#### About this task
Transcribe the complete listing exactly.

#### Records for the task
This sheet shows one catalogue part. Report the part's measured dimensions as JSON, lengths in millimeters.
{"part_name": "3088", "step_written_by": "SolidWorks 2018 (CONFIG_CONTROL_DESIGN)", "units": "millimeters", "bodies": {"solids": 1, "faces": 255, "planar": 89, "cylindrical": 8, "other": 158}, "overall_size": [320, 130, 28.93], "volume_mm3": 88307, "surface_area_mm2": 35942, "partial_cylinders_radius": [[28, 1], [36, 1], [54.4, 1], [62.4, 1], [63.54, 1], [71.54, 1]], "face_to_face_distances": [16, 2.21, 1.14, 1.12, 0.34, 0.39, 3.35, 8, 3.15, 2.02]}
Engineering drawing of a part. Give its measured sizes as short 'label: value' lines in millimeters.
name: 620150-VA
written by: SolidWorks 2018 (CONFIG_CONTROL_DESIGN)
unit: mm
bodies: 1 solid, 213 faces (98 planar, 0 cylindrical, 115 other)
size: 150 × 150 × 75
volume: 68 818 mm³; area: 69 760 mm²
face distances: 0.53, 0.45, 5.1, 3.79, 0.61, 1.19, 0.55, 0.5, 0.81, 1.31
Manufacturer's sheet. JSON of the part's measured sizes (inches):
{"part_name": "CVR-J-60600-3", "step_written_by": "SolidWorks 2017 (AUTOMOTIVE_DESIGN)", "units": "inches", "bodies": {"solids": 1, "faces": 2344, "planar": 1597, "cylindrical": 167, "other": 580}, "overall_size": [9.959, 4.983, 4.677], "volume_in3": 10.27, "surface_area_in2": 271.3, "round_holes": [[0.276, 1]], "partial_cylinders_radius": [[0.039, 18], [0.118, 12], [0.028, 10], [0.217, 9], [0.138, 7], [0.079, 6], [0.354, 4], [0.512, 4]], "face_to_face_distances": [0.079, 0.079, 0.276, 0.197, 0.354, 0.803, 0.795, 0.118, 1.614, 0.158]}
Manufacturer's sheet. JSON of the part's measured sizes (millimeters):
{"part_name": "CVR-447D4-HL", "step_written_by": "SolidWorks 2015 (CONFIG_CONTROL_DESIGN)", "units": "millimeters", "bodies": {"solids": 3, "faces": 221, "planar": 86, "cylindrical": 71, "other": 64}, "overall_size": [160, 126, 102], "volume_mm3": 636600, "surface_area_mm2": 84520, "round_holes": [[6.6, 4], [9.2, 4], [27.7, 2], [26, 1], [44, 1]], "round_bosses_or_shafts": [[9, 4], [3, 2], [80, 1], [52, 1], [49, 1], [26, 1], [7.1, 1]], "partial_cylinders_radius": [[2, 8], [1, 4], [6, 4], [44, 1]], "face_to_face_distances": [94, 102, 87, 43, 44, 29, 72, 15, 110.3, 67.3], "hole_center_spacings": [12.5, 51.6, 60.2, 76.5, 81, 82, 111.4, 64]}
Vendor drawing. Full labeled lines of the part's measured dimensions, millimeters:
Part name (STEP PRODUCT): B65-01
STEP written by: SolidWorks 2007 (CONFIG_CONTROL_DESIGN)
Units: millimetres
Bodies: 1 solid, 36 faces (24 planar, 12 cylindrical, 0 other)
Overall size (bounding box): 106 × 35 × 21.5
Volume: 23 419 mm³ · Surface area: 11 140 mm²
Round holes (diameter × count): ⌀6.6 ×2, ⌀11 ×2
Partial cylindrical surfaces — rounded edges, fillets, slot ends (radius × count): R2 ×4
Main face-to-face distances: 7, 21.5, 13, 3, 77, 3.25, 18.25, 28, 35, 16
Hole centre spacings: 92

#### The answer
This sheet shows one catalogue part. Report the part's measured dimensions as JSON, lengths in millimeters.
{"part_name": "3088", "step_written_by": "SolidWorks 2018 (CONFIG_CONTROL_DESIGN)", "units": "millimeters", "bodies": {"solids": 1, "faces": 255, "planar": 89, "cylindrical": 8, "other": 158}, "overall_size": [320, 130, 28.93], "volume_mm3": 88307, "surface_area_mm2": 35942, "partial_cylinders_radius": [[28, 1], [36, 1], [54.4, 1], [62.4, 1], [63.54, 1], [71.54, 1]], "face_to_face_distances": [16, 2.21, 1.14, 1.12, 0.34, 0.39, 3.35, 8, 3.15, 2.02]}
Engineering drawing of a part. Give its measured sizes as short 'label: value' lines in millimeters.
name: 620150-VA
written by: SolidWorks 2018 (CONFIG_CONTROL_DESIGN)
unit: mm
bodies: 1 solid, 213 faces (98 planar, 0 cylindrical, 115 other)
size: 150 × 150 × 75
volume: 68 818 mm³; area: 69 760 mm²
face distances: 0.53, 0.45, 5.1, 3.79, 0.61, 1.19, 0.55, 0.5, 0.81, 1.31
Manufacturer's sheet. JSON of the part's measured sizes (inches):
{"part_name": "CVR-J-60600-3", "step_written_by": "SolidWorks 2017 (AUTOMOTIVE_DESIGN)", "units": "inches", "bodies": {"solids": 1, "faces": 2344, "planar": 1597, "cylindrical": 167, "other": 580}, "overall_size": [9.959, 4.983, 4.677], "volume_in3": 10.27, "surface_area_in2": 271.3, "round_holes": [[0.276, 1]], "partial_cylinders_radius": [[0.039, 18], [0.118, 12], [0.028, 10], [0.217, 9], [0.138, 7], [0.079, 6], [0.354, 4], [0.512, 4]], "face_to_face_distances": [0.079, 0.079, 0.276, 0.197, 0.354, 0.803, 0.795, 0.118, 1.614, 0.158]}
Manufacturer's sheet. JSON of the part's measured sizes (millimeters):
{"part_name": "CVR-447D4-HL", "step_written_by": "SolidWorks 2015 (CONFIG_CONTROL_DESIGN)", "units": "millimeters", "bodies": {"solids": 3, "faces": 221, "planar": 86, "cylindrical": 71, "other": 64}, "overall_size": [160, 126, 102], "volume_mm3": 636600, "surface_area_mm2": 84520, "round_holes": [[6.6, 4], [9.2, 4], [27.7, 2], [26, 1], [44, 1]], "round_bosses_or_shafts": [[9, 4], [3, 2], [80, 1], [52, 1], [49, 1], [26, 1], [7.1, 1]], "partial_cylinders_radius": [[2, 8], [1, 4], [6, 4], [44, 1]], "face_to_face_distances": [94, 102, 87, 43, 44, 29, 72, 15, 110.3, 67.3], "hole_center_spacings": [12.5, 51.6, 60.2, 76.5, 81, 82, 111.4, 64]}
Vendor drawing. Full labeled lines of the part's measured dimensions, millimeters:
Part name (STEP PRODUCT): B65-01
STEP written by: SolidWorks 2007 (CONFIG_CONTROL_DESIGN)
Units: millimetres
Bodies: 1 solid, 36 faces (24 planar, 12 cylindrical, 0 other)
Overall size (bounding box): 106 × 35 × 21.5
Volume: 23 419 mm³ · Surface area: 11 140 mm²
Round holes (diameter × count): ⌀6.6 ×2, ⌀11 ×2
Partial cylindrical surfaces — rounded edges, fillets, slot ends (radius × count): R2 ×4
Main face-to-face distances: 7, 21.5, 13, 3, 77, 3.25, 18.25, 28, 35, 16
Hole centre spacings: 92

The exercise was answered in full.